Ey Muhacir ve Ensar!

Abdullah ibni Abbas (radıyallahü anhüma) anlatır: “Bir gün Resul aleyhisselam bizimle ikindi namazını kıldı. Selam verdi.

Sonra bize dönüp:
‘Ey Muhacir ve Ensar! Size Ali bin Ebi Talib’in faziletlerinden haber vereyim mi?’ diye sordu.
Biz çok sevindik.
Ve cevap verip ‘Analarımız ve babalarımız sana feda olsun yâ Resulallah! İsteriz’ dedik.”
***
Buyurdular ki: “Cebrail beni miraca ilettiği gece, dördüncü gökte bir kimse gördüm. 
Bir taht üzerinde oturmuştu. 
Ali bin Ebi Talib’e benzerdi.
Ben durdum.
Ve ona baktım. 
***
Cebrail bana ‘Niçin durdun?’ diye sordu. 
Ben de ‘Yâ kardeşim Cebrail!

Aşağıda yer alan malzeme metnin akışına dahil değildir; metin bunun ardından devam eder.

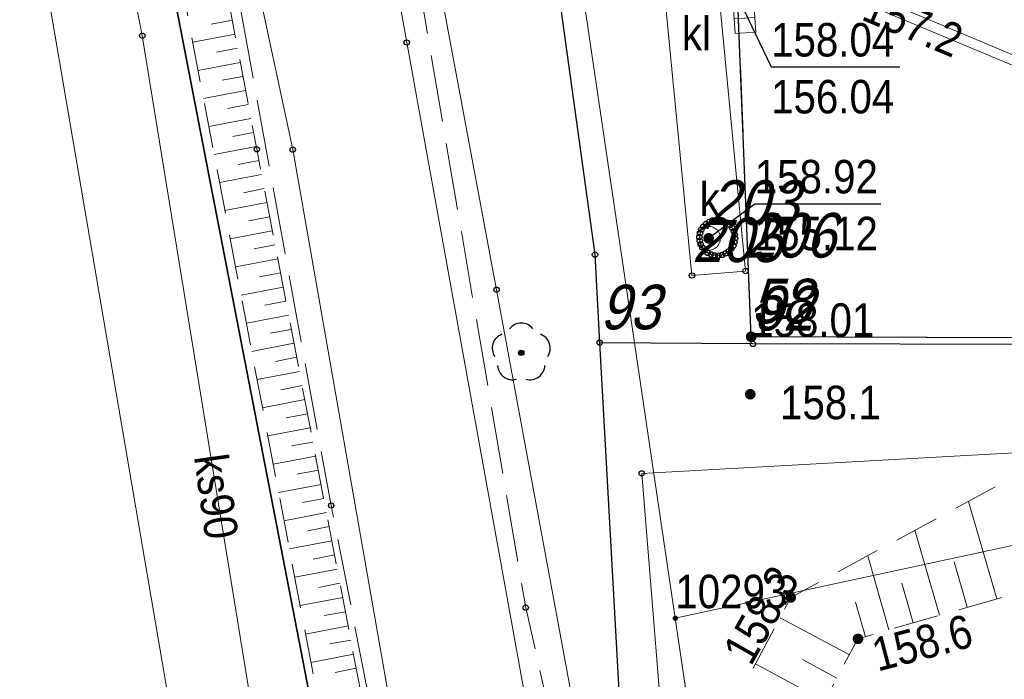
# Model space of a CAD drawing. Header units: metres. Extents: x 5548743 to 5556416, y 5707500 to 5714000.
# Tile 82 of 244: x 5554610 to 5554643, y 5709568 to 5709590. Entities that reach past the tile are written whole.
import ezdxf
from ezdxf.enums import TextEntityAlignment as Align

# ---------------------------------------------------------------- set-up
doc = ezdxf.new("R2010")
doc.units = ezdxf.units.M
for name, pattern in [('1.5_0.75', [2.25, 1.5, -0.75]), ('2.25_0.75', [3, 2.25, -0.75]), ('219-1000', [0])]:
    doc.linetypes.add(name, pattern=pattern)
doc.layers.get('0').update_dxf_attribs({"color": 2, "lineweight": 5})
doc.styles.get("Standard").update_dxf_attribs({"font": 'Working1250', "width": 0.75})
doc.linetypes.add('902-1000', pattern='A,5,0,[1,ksztalty.shx,S=1,R=0,X=0,Y=0],5', length=10)

# ---------------------------------------------------------------- blocks, each defined once
blk = doc.blocks.new('203')
at = {"linetype": 'Continuous', "lineweight": 0}
h = blk.add_hatch(color=0, dxfattribs=at)
edge = h.paths.add_edge_path()
edge.add_arc((0, 0), 0.09, 0, 360)
blk = doc.blocks.new('US22')
at = {"color": 0, "linetype": 'Continuous', "lineweight": 0}
blk.add_circle((0, 0), 0.4, dxfattribs=at)
blk = doc.blocks.new('PW01')
at = {"linetype": 'Continuous', "lineweight": 13}
h = blk.add_hatch(color=0, dxfattribs=at)
edge = h.paths.add_edge_path()
edge.add_arc((0, 0), 0.18, 0, 360)
blk = doc.blocks.new('US05')
at = {"color": 0, "linetype": 'Continuous', "lineweight": 13}
for p, q in [((-0.75, -0.35), (-0.75, 0.35)), ((-0.75, 0.35), (-0.25, 0.35)), ((-0.25, -0.35), (-0.25, 0.35)), ((-0.25, 0.35), (0.25, 0.35)), ((0.25, -0.35), (0.25, 0.35)), ((0.25, 0.35), (0.75, 0.35)), ((0.75, -0.35), (0.75, 0.35)), ((-0.75, -0.35), (-0.25, -0.35)), ((-0.25, -0.35), (0.25, -0.35)), ((0.25, -0.35), (0.75, -0.35))]:
    blk.add_line(p, q, dxfattribs=at)
blk = doc.blocks.new('OP021')
at = {"linetype": 'Continuous', "lineweight": 13}
h = blk.add_hatch(color=0, dxfattribs=at)
edge = h.paths.add_edge_path()
edge.add_arc((0, 0), 0.1, 0, 360)
at = {"color": 0, "linetype": 'Continuous', "lineweight": -3}
for centre, start, end in [((0, 0.5), 38.316, 141.684), ((-0.476, 0.154), 110.388, 213.756), ((0.476, 0.154), 326.244, 69.612), ((-0.294, -0.404), 182.272, 285.64), ((0.294, -0.404), 254.36, 357.728), ((0.294, -0.404), 254.36, 357.728)]:
    blk.add_arc(centre, 0.5, start, end, dxfattribs=at)
blk = doc.blocks.new('PIKIETAW1891')
at = {"color": 0}
blk.add_circle((0, 0), 0.09, dxfattribs=at)

msp = doc.modelspace()

# ---------------------------------------------------------------- linework, layer by layer
at = {"layer": '000 Inne (niezydentyfikowane)', "color": 7, "linetype": 'CONTINUOUS', "lineweight": 18, "flags": 128}
for points in [[(5554617.26, 5709590.29), (5554616.55, 5709590.16)], [(5554617.35, 5709589.82), (5554615.93, 5709589.55)], [(5554617.43, 5709589.35), (5554616.73, 5709589.21)], [(5554617.52, 5709588.87), (5554616.11, 5709588.6)], [(5554617.61, 5709588.4), (5554616.91, 5709588.27)], [(5554617.7, 5709587.93), (5554616.29, 5709587.66)], [(5554617.79, 5709587.46), (5554617.09, 5709587.32)], [(5554617.88, 5709586.99), (5554616.47, 5709586.72)], [(5554617.97, 5709586.51), (5554617.27, 5709586.38)], [(5554618.06, 5709586.04), (5554616.65, 5709585.77)], [(5554618.15, 5709585.57), (5554617.45, 5709585.44)], [(5554618.24, 5709585.1), (5554616.83, 5709584.83)], [(5554618.33, 5709584.63), (5554617.63, 5709584.49)], [(5554618.42, 5709584.16), (5554617.01, 5709583.89)], [(5554618.51, 5709583.68), (5554617.81, 5709583.55)], [(5554618.6, 5709583.21), (5554617.19, 5709582.94)], [(5554618.69, 5709582.74), (5554617.99, 5709582.6)], [(5554618.79, 5709582.27), (5554617.37, 5709582)], [(5554618.88, 5709581.8), (5554618.17, 5709581.66)], [(5554618.97, 5709581.32), (5554617.55, 5709581.05)], [(5554619.06, 5709580.85), (5554618.35, 5709580.71)], [(5554619.15, 5709580.38), (5554617.73, 5709580.11)], [(5554619.24, 5709579.9), (5554618.53, 5709579.77)], [(5554619.33, 5709579.43), (5554617.91, 5709579.16)], [(5554619.42, 5709578.96), (5554618.71, 5709578.82)], [(5554619.51, 5709578.48), (5554618.09, 5709578.21)], [(5554619.6, 5709578.01), (5554618.89, 5709577.87)], [(5554619.69, 5709577.54), (5554618.27, 5709577.26)], [(5554619.78, 5709577.06), (5554619.07, 5709576.93)], [(5554619.87, 5709576.59), (5554618.45, 5709576.32)], [(5554619.96, 5709576.11), (5554619.25, 5709575.98)], [(5554620.06, 5709575.64), (5554618.63, 5709575.37)], [(5554620.15, 5709575.17), (5554619.43, 5709575.03)], [(5554620.24, 5709574.69), (5554618.81, 5709574.42)], [(5554620.33, 5709574.22), (5554619.62, 5709574.08)], [(5554642.96, 5709570.84), (5554642.01, 5709574.12)], [(5554620.42, 5709573.74), (5554618.99, 5709573.47)], [(5554620.51, 5709573.27), (5554619.8, 5709573.13)], [(5554641.03, 5709570.29), (5554640.2, 5709573.15)], [(5554620.6, 5709572.79), (5554619.18, 5709572.52)], [(5554620.69, 5709572.32), (5554619.98, 5709572.18)], [(5554639.33, 5709569.8), (5554638.62, 5709572.29)], [(5554641.96, 5709570.56), (5554641.52, 5709572.09)], [(5554620.78, 5709571.84), (5554619.36, 5709571.57)], [(5554620.87, 5709571.37), (5554620.16, 5709571.23)], [(5554640.15, 5709570.04), (5554639.77, 5709571.37)], [(5554620.97, 5709570.89), (5554619.54, 5709570.62)], [(5554638.54, 5709569.57), (5554638.21, 5709570.73)], [(5554621.06, 5709570.41), (5554620.34, 5709570.28)], [(5554638, 5709568.96), (5554635.67, 5709570.21)], [(5554621.15, 5709569.94), (5554619.72, 5709569.66)], [(5554621.24, 5709569.46), (5554620.53, 5709569.33)], [(5554621.33, 5709568.99), (5554619.9, 5709568.71)], [(5554637.58, 5709568.18), (5554636.42, 5709568.81)], [(5554621.42, 5709568.51), (5554620.71, 5709568.37)], [(5554637.16, 5709567.41), (5554634.84, 5709568.66)]]:
    msp.add_lwpolyline(points, dxfattribs=at)
at = {"layer": '216-obręb ewidencyjny', "color": 7, "linetype": 'CONTINUOUS', "lineweight": 25, "flags": 128}
for points in [[(5555256.15, 5709556.47), (5555010.66, 5709588.18), (5555014.08, 5709614.94), (5555004.95, 5709615.36), (5555002.58, 5709615.56), (5554879.17, 5709626.54), (5554702.25, 5709646.33), (5554701.94, 5709646.42), (5554667.79, 5709656.98), (5554640.74, 5709652.53), (5554641.5, 5709658.27), (5554621.17, 5709654.39), (5554605.07, 5709652.74), (5554608.31, 5709640.8), (5554611.39, 5709625), (5554614.84, 5709593.51), (5554621.43, 5709559.47), (5554623.68, 5709547.83), (5554172.37, 5709623.65), (5554130.29, 5709630.74), (5554132.49, 5709638.43), (5554139.83, 5709664.15)], [(5554139.83, 5709664.15), (5554132.49, 5709638.43), (5554130.29, 5709630.74), (5554172.37, 5709623.65), (5554623.68, 5709547.83), (5554621.43, 5709559.47), (5554614.84, 5709593.51), (5554611.39, 5709625), (5554608.31, 5709640.8), (5554605.07, 5709652.74), (5554621.17, 5709654.39), (5554641.5, 5709658.27), (5554640.74, 5709652.53), (5554667.79, 5709656.98), (5554701.94, 5709646.42), (5554702.25, 5709646.33), (5554879.17, 5709626.54), (5555002.58, 5709615.56), (5555004.95, 5709615.36), (5555014.08, 5709614.94), (5555010.66, 5709588.18), (5555256.15, 5709556.47)]]:
    msp.add_lwpolyline(points, dxfattribs=at)
at = {"layer": '217-kontur klasyfikacyjny', "color": 3, "linetype": 'CONTINUOUS', "lineweight": 18, "flags": 128}
msp.add_lwpolyline([(5554621.43, 5709559.47), (5554614.84, 5709593.51)], dxfattribs=at)
at = {"layer": '218-kontur użytku gruntowego', "color": 3, "linetype": 'CONTINUOUS', "lineweight": 18, "flags": 128}
for points in [[(5554632.15, 5709570.19), (5554625.39, 5709615.92)], [(5554625.39, 5709615.92), (5554632.15, 5709570.19)], [(5554614.84, 5709593.51), (5554621.43, 5709559.47)], [(5554621.43, 5709559.47), (5554614.84, 5709593.51)], [(5554725.22, 5709590.24), (5554632.15, 5709570.19)], [(5554632.15, 5709570.19), (5554725.22, 5709590.24)], [(5554632.15, 5709570.19), (5554635.85, 5709545.24)], [(5554635.85, 5709545.24), (5554632.15, 5709570.19)]]:
    msp.add_lwpolyline(points, dxfattribs=at)
at = {"layer": '219-działka ewidencyjna', "color": 7, "linetype": '219-1000', "lineweight": 18, "flags": 128}
for points in [[(5554625.39, 5709615.92), (5554632.15, 5709570.19)], [(5554614.84, 5709593.51), (5554621.43, 5709559.47)], [(5554725.22, 5709590.24), (5554632.15, 5709570.19)], [(5554632.15, 5709570.19), (5554647.12, 5709468.97)]]:
    msp.add_lwpolyline(points, dxfattribs=at)
at = {"layer": 'jezdnia', "color": 7, "linetype": '2.25_0.75', "lineweight": 18, "flags": 128}
msp.add_lwpolyline([(5554658.91, 5709371.87), (5554664.53, 5709372.48), (5554659.59, 5709396.48), (5554650.9, 5709444.26), (5554651.28, 5709445.47), (5554651.86, 5709446.44), (5554652.7, 5709447.03), (5554653.9, 5709447.4), (5554654.71, 5709447.41), (5554655.85, 5709447.23), (5554656, 5709451.36), (5554653.44, 5709452.64), (5554652, 5709453.72), (5554650.59, 5709454.9), (5554649.2, 5709456.29), (5554648.4, 5709457.78), (5554639.8, 5709504.06), (5554632.33, 5709545.21), (5554629.23, 5709561.24), (5554627.12, 5709570.55), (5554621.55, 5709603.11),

Bu, Ali bin Ebi Talib’dir ki benden önce gelip bu yere oturmuş’ dedim.
Cebrail bana:
‘Bu, Ali bin Ebi Talib değildir’ dedi.
***
‘Ya kimdir?’ dedim.
‘Gökteki melekler Ali’nin didarını/yüzünü görmeye âşık oldukları için Allahü teâlâ Ali’nin suretinde bir melek yarattı. Bu göğün melekleri de bu meleğin önüne gelip Ali bin Ebi Talib’e aşırı sevgilerinden dolayı bu meleğe selam verirler’ dedi.
***
Ve bana dönüp ‘Ona yaklaş ve sen de selam ver’ dedi.
Ben de yaklaştım.
Ve onu kucakladım. 
O da beni kucakladı. 
Ondan, Ali bin Ebi Talib’in kokusunu duydum.” (“Menâkıb-ı çihâr yâr-i güzîn” kitabından alınmıştır.)

Comments are closed.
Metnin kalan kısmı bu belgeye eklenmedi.